## Exercise requirements
Of the entries below, return exactly those lines that fall between the one containing "doc.blocks.new('BOM-P3_00006', base_point=(258.61, -467.49))" and the one containing "blk.add_text('Posnummerlijst per merk", the two end lines included.
··········
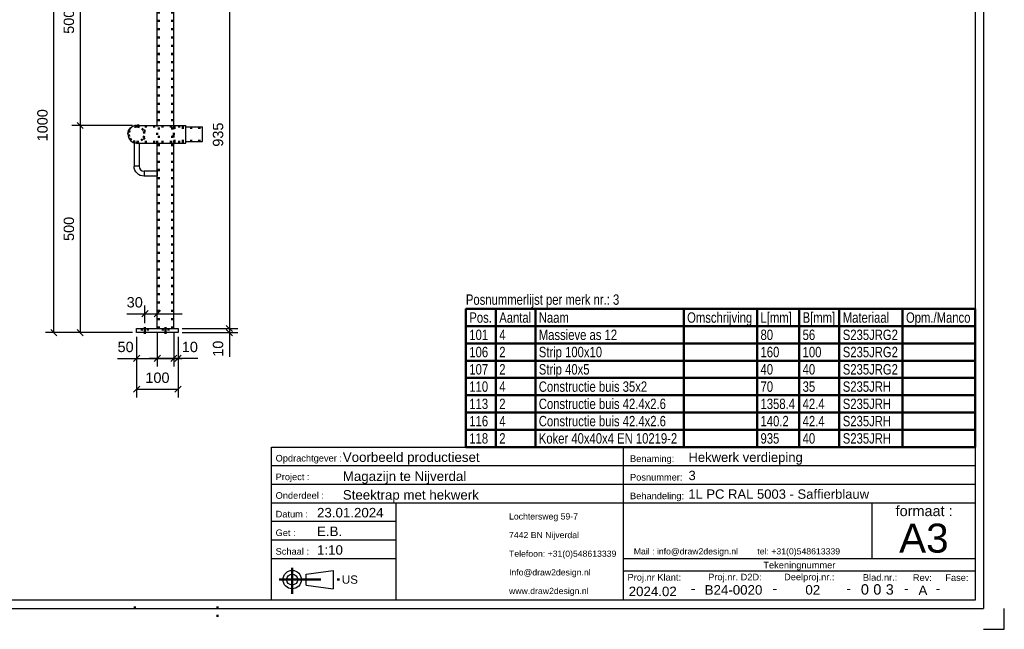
# Model space of a CAD drawing. Header units: millimetres. Extents: x -31 to 389, y -511 to -214.
# Tile 2 of 4: x 151 to 389, y -511 to -364. Entities that reach past the tile are written whole.
import ezdxf
from ezdxf.enums import TextEntityAlignment as Align

# ---------------------------------------------------------------- set-up
doc = ezdxf.new("R2010")
doc.units = ezdxf.units.MM
doc.linetypes.add('DOT', pattern=[2, 0.5, -1.5])
doc.linetypes.add('STRICHPUNKT2', pattern=[18.5, 10, -4, 0.5, -4])
doc.layers.get('0').update_dxf_attribs({"linetype": 'CONTINUOUS'})
for name, color, linetype in [('DIM49', 4, 'CONTINUOUS'), ('TXT_ALL', 7, 'CONTINUOUS'), ('TXT_DIM49', 2, 'CONTINUOUS'), ('TXT_YELLOW', 2, 'CONTINUOUS')]:
    doc.layers.add(name, color=color, linetype=linetype)
doc.layers.add('LE_ALL', color=7, linetype='CONTINUOUS', lineweight=50)
doc.styles.add('ARIAL', font='arial.ttf')
doc.styles.add('ARIAL Narrow', font='ArialN.ttf')

# ---------------------------------------------------------------- blocks, each defined once
blk = doc.blocks.new('TFIELD_00005', base_point=(269.03, -502.24))
at = {"layer": 'TXT_YELLOW', "style": 'ARIAL'}
for s, p in [('Lochtersweg 59-7', (269.03, -484.24)), ('7442 BN Nijverdal', (269.03, -488.74)), ('Telefoon: +31(0)548613339', (269.03, -493.24)), ('Info@draw2design.nl', (269.03, -497.74)), ('www.draw2design.nl', (269.03, -502.24))]:
    blk.add_text(s, height=1.5, dxfattribs=at).set_placement(p, align=Align.MIDDLE_LEFT)
blk = doc.blocks.new('FLEX_00004', base_point=(281.84, -504.49))
blk.add_blockref('TFIELD_00005', (269.03, -502.24))
blk = doc.blocks.new('D2D_00003', base_point=(241.9, -502.63))
blk.add_blockref('FLEX_00004', (281.84, -504.49))
blk = doc.blocks.new('BOM-P3_00006', base_point=(258.61, -467.49))
at = {"layer": 'LE_ALL', "color": 8}
for p, q in [((265.84, -434.16), (265.84, -467.49)), ((275.39, -434.16), (275.39, -467.49)), ((311.21, -434.16), (311.21, -467.49)), ((328.94, -434.16), (328.94, -467.49)), ((339.11, -434.16), (339.11, -467.49)), ((348.8, -434.16), (348.8, -467.49)), ((364.07, -434.16), (364.07, -467.49)), ((258.61, -438.32), (381.65, -438.32)), ((258.61, -442.49), (381.65, -442.49)), ((258.61, -446.66), (381.65, -446.66)), ((258.61, -450.82), (381.65, -450.82)), ((258.61, -454.99), (381.65, -454.99)), ((258.61, -459.16), (381.65, -459.16)), ((258.61, -463.32), (381.65, -463.32))]:
    blk.add_line(p, q, dxfattribs=at)
blk.add_lwpolyline([(258.61, -467.49), (381.65, -467.49), (381.65, -434.16), (258.61, -434.16)], close=True, dxfattribs=at)
at = {"layer": 'TXT_YELLOW', "style": 'ARIAL Narrow', "width": 0.95}
blk.add_text('Posnummerlijst per merk nr.: 3', height=2.5, dxfattribs=at).set_placement((258.61, -433.16))
for s, p in [('Pos.', (259.44, -436.24)), ('Aantal', (266.67, -436.24)), ('Naam', (276.22, -436.24)), ('Omschrijving', (312.04, -436.24)), ('L[mm]', (329.77, -436.24)), ('B[mm]', (339.94, -436.24)), ('Materiaal', (349.64, -436.24)), ('Opm./Manco', (364.9, -436.24)), ('101', (259.44, -440.41)), ('4', (266.67, -440.41)), ('Massieve as 12', (276.22, -440.41)), ('80', (329.77, -440.41)), ('56', (339.94, -440.41)), ('S235JRG2', (349.64, -440.41)), ('106', (259.44, -444.57)), ('2', (266.67, -444.57)), ('Strip 100x10', (276.22, -444.57)), ('160', (329.77, -444.57)), ('100', (339.94, -444.57)), ('S235JRG2', (349.64, -444.57)), ('107', (259.44, -448.74)), ('2', (266.67, -448.74)), ('Strip 40x5', (276.22, -448.74)), ('40', (329.77, -448.74)), ('40', (339.94, -448.74)), ('S235JRG2', (349.64, -448.74)), ('110', (259.44, -452.91)), ('4', (266.67, -452.91)), ('Constructie buis 35x2', (276.22, -452.91)), ('70', (329.77, -452.91)), ('35', (339.94, -452.91)), ('S235JRH', (349.64, -452.91)), ('113', (259.44, -457.07)), ('2', (266.67, -457.07)), ('Constructie buis 42.4x2.6', (276.22, -457.07)), ('1358.4', (329.77, -457.07)), ('42.4', (339.94, -457.07)), ('S235JRH', (349.64, -457.07)), ('116', (259.44, -461.24)), ('4', (266.67, -461.24)), ('Constructie buis 42.4x2.6', (276.22, -461.24)), ('140.2', (329.77, -461.24)), ('42.4', (339.94, -461.24)), ('S235JRH', (349.64, -461.24)), ('118', (259.44, -465.41)), ('2', (266.67, -465.41)), ('Koker 40x40x4 EN 10219-2', (276.22, -465.41)), ('935', (329.77, -465.41)), ('40', (339.94, -465.41)), ('S235JRH', (349.64, -465.41))]:
    blk.add_text(s, height=2.5, dxfattribs=at).set_placement(p, align=Align.MIDDLE_LEFT)
blk = doc.blocks.new('TFIELD_00008', base_point=(363.24, -489.49))
at = {"layer": 'TXT_YELLOW', "style": 'ARIAL'}
blk.add_text('A3', height=7, dxfattribs=at).set_placement((363.24, -489.49), align=Align.MIDDLE_LEFT)
blk = doc.blocks.new('FLEX_00007', base_point=(369.15, -494.49))
blk.add_blockref('TFIELD_00008', (363.24, -489.49))
blk = doc.blocks.new('TFIELD_00011', base_point=(299.16, -492.67))
at = {"layer": 'TXT_YELLOW', "style": 'ARIAL'}
blk.add_text('Mail : info@draw2design.nl        tel: +31(0)548613339', height=1.5, dxfattribs=at).set_placement((299.16, -492.67), align=Align.MIDDLE_LEFT)
blk = doc.blocks.new('FLEX_00010', base_point=(299.16, -493.92))
blk.add_blockref('TFIELD_00011', (299.16, -492.67))
blk = doc.blocks.new('DRAW2DESIGNLOGO_00009', base_point=(299.08, -491))
blk.add_blockref('FLEX_00010', (299.16, -493.92))
blk = doc.blocks.new('TFIELD_00015', base_point=(228.65, -499.49))
at = {"layer": 'TXT_YELLOW', "style": 'ARIAL'}
blk.add_text('US', height=2, dxfattribs=at).set_placement((228.65, -499.49), align=Align.MIDDLE_LEFT)
blk = doc.blocks.new('FLEX_00014', base_point=(228.65, -499.49))
blk.add_blockref('TFIELD_00015', (228.65, -499.49))
blk = doc.blocks.new('US_00013', base_point=(217.98, -499.49))
blk.add_line((220.01, -500.82), (226.57, -501.71))
blk.add_lwpolyline([(220.01, -500.82), (220.01, -498.16), (226.57, -497.27), (226.57, -501.71)])
for radius in [2.22, 1.33]:
    blk.add_circle((216.65, -499.49), radius)
at = {"layer": 'LE_ALL', "color": 1, "linetype": 'STRICHPUNKT2'}
for p, q in [((216.65, -496.67), (216.65, -502.89)), ((213.55, -499.49), (228.42, -499.49))]:
    blk.add_line(p, q, dxfattribs=at)
blk.add_blockref('FLEX_00014', (228.65, -499.49))
blk = doc.blocks.new('SCHRIFE_00017', base_point=(222.65, -484.49))
for p, q in [((211.65, -467.49), (296.65, -467.49)), ((296.65, -467.49), (381.65, -467.49)), ((296.65, -504.49), (296.65, -467.49)), ((381.65, -467.49), (381.65, -504.49)), ((211.65, -471.99), (296.65, -471.99)), ((296.65, -471.99), (381.65, -471.99)), ((211.65, -476.49), (296.65, -476.49)), ((296.65, -476.49), (381.65, -476.49)), ((211.65, -480.99), (381.65, -480.99)), ((241.65, -480.99), (241.65, -504.49)), ((356.65, -480.99), (356.65, -494.49)), ((241.65, -485.49), (211.65, -485.49)), ((241.65, -489.99), (211.65, -489.99)), ((241.65, -494.49), (211.65, -494.49)), ((381.65, -494.49), (296.65, -494.49)), ((381.65, -497.49), (296.65, -497.49))]:
    blk.add_line(p, q)
blk.add_lwpolyline([(381.65, -504.49), (211.65, -504.49), (211.65, -467.49)])
at = {"layer": 'TXT_YELLOW', "style": 'ARIAL'}
for s, height, p in [('Voorbeeld productieset', 2.3, (228.88, -471.09)), ('Hekwerk verdieping', 2.25, (312.37, -471.09)), ('Magazijn te Nijverdal', 2.3, (228.88, -475.69)), ('3', 2.25, (312.37, -475.48)), ('Steektrap met hekwerk', 2.3, (228.88, -480.19)), ('1L PC RAL 5003 - Saffierblauw', 2.25, (312.32, -479.98)), ('23.01.2024', 2.3, (222.65, -484.49)), ('E.B.', 2.3, (222.65, -488.99)), ('1:10', 2.3, (222.65, -493.49))]:
    blk.add_text(s, height=height, dxfattribs=at).set_placement(p)
for s, height, p in [('2024.02', 2.3, (303.73, -503.49)), ('-', 2.5, (313.48, -502.83)), ('B24-0020', 2.3, (323.25, -503.13)), ('-', 2.5, (333.22, -502.83)), ('02', 2.3, (342.39, -503.11)), ('-', 2.5, (351.05, -502.83)), ('-', 2.5, (364.99, -502.83)), ('A', 2.3, (368.99, -503.22)), ('-', 2.5, (372.64, -502.83))]:
    blk.add_text(s, height=height, dxfattribs=at).set_placement(p, align=Align.CENTER)
blk = doc.blocks.new('TFIELD_00021', base_point=(360.01, -501.86))
at = {"layer": 'TXT_ALL', "style": 'ARIAL'}
blk.add_text('3', height=2.5, dxfattribs=at).set_placement((360.01, -501.86), align=Align.MIDDLE_LEFT)
blk = doc.blocks.new('3_00020')
blk.add_blockref('TFIELD_00021', (360.01, -501.86))
blk = doc.blocks.new('TELLER1_00019')
blk.add_blockref('3_00020', (0, 0))
blk = doc.blocks.new('TFIELD_00024', base_point=(357.01, -501.86))
at = {"layer": 'TXT_ALL', "style": 'ARIAL'}
blk.add_text('0', height=2.5, dxfattribs=at).set_placement((357.01, -501.86), align=Align.MIDDLE_LEFT)
blk = doc.blocks.new('0_00023')
blk.add_blockref('TFIELD_00024', (357.01, -501.86))
blk = doc.blocks.new('TELLER2_00022')
blk.add_blockref('0_00023', (0, 0))
blk = doc.blocks.new('TFIELD_00027', base_point=(354.01, -501.86))
at = {"layer": 'TXT_ALL', "style": 'ARIAL'}
blk.add_text('0', height=2.5, dxfattribs=at).set_placement((354.01, -501.86), align=Align.MIDDLE_LEFT)
blk = doc.blocks.new('0_00026')
blk.add_blockref('TFIELD_00027', (354.01, -501.86))
blk = doc.blocks.new('TELLER3_00025')
blk.add_blockref('0_00026', (0, 0))
blk = doc.blocks.new('NL_00028', base_point=(212.65, -470.99))
at = {"layer": 'TXT_ALL', "color": 1, "style": 'ARIAL'}
blk.add_text('Tekeningnummer', height=1.6, dxfattribs=at).set_placement((339.15, -495.99), align=Align.MIDDLE_CENTER)
at = {"layer": 'TXT_YELLOW', "style": 'ARIAL'}
for s, p in [('Opdrachtgever :', (212.65, -470.99)), ('Benaming:', (298.25, -471.09)), ('Project :', (212.65, -475.49)), ('Posnummer:', (298.25, -475.59)), ('Onderdeel :', (212.65, -479.99)), ('Behandeling:', (298.25, -480.09)), ('Datum :', (212.65, -484.49)), ('Get :', (212.65, -488.99)), ('Schaal :', (212.65, -493.49)), ('Proj.nr Klant:', (297.65, -499.74)), ('Proj.nr. D2D:', (317.13, -499.67)), ('Deelproj.nr.:', (335.46, -499.66)), ('Blad.nr.:', (354.49, -499.78)), ('Rev:', (366.56, -499.82)), ('Fase:', (374.4, -499.82))]:
    blk.add_text(s, height=1.6, dxfattribs=at).set_placement(p)
blk.add_text('formaat :', height=2.5, dxfattribs=at).set_placement((369.28, -484.17), align=Align.CENTER)
blk = doc.blocks.new('SCHRIFE_00016')
for name, p in [('SCHRIFE_00017', (222.65, -484.49)), ('NL_00028', (212.65, -470.99)), ('TELLER3_00025', (0, 0)), ('TELLER2_00022', (0, 0)), ('TELLER1_00019', (0, 0))]:
    blk.add_blockref(name, p)
blk = doc.blocks.new('DINA3_00002', base_point=(381.65, -504.49))
for p, q in [((383.65, -219.49), (383.65, -506.49)), ((381.65, -221.49), (381.65, -504.49)), ((381.65, -405.94), (381.65, -421.62)), ((-26.35, -506.49), (383.65, -506.49)), ((381.65, -504.49), (-24.35, -504.49))]:
    blk.add_line(p, q)
blk.add_lwpolyline([(383.65, -511.49), (388.65, -511.49), (388.65, -506.49)])
at = {"layer": 'LE_ALL', "linetype": 'DOT'}
for p, q in [((178.65, -506.49), (178.65, -504.49)), ((198.65, -508.49), (198.65, -504.49))]:
    blk.add_line(p, q, dxfattribs=at)
for name, p in [('BOM-P3_00006', (258.61, -467.49)), ('SCHRIFE_00016', (0, 0)), ('D2D_00003', (241.9, -502.63)), ('FLEX_00007', (369.15, -494.49)), ('DRAW2DESIGNLOGO_00009', (299.08, -491)), ('US_00013', (217.98, -499.49))]:
    blk.add_blockref(name, p)
blk = doc.blocks.new('_ZBL0023_00001')
blk.add_blockref('DINA3_00002', (381.65, -504.49))
blk = doc.blocks.new('Constructie buis 42.4x2.6_00172', base_point=(177.23, -342.06))
blk.add_lwpolyline([(176.97, -341.92, -0.403382), (179.08, -339.88)], format="xyb")
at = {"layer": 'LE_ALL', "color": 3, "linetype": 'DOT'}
··········
## Result of this task
blk = doc.blocks.new('BOM-P3_00006', base_point=(258.61, -467.49))
at = {"layer": 'LE_ALL', "color": 8}
for p, q in [((265.84, -434.16), (265.84, -467.49)), ((275.39, -434.16), (275.39, -467.49)), ((311.21, -434.16), (311.21, -467.49)), ((328.94, -434.16), (328.94, -467.49)), ((339.11, -434.16), (339.11, -467.49)), ((348.8, -434.16), (348.8, -467.49)), ((364.07, -434.16), (364.07, -467.49)), ((258.61, -438.32), (381.65, -438.32)), ((258.61, -442.49), (381.65, -442.49)), ((258.61, -446.66), (381.65, -446.66)), ((258.61, -450.82), (381.65, -450.82)), ((258.61, -454.99), (381.65, -454.99)), ((258.61, -459.16), (381.65, -459.16)), ((258.61, -463.32), (381.65, -463.32))]:
    blk.add_line(p, q, dxfattribs=at)
blk.add_lwpolyline([(258.61, -467.49), (381.65, -467.49), (381.65, -434.16), (258.61, -434.16)], close=True, dxfattribs=at)
at = {"layer": 'TXT_YELLOW', "style": 'ARIAL Narrow', "width": 0.95}
blk.add_text('Posnummerlijst per merk nr.: 3', height=2.5, dxfattribs=at).set_placement((258.61, -433.16))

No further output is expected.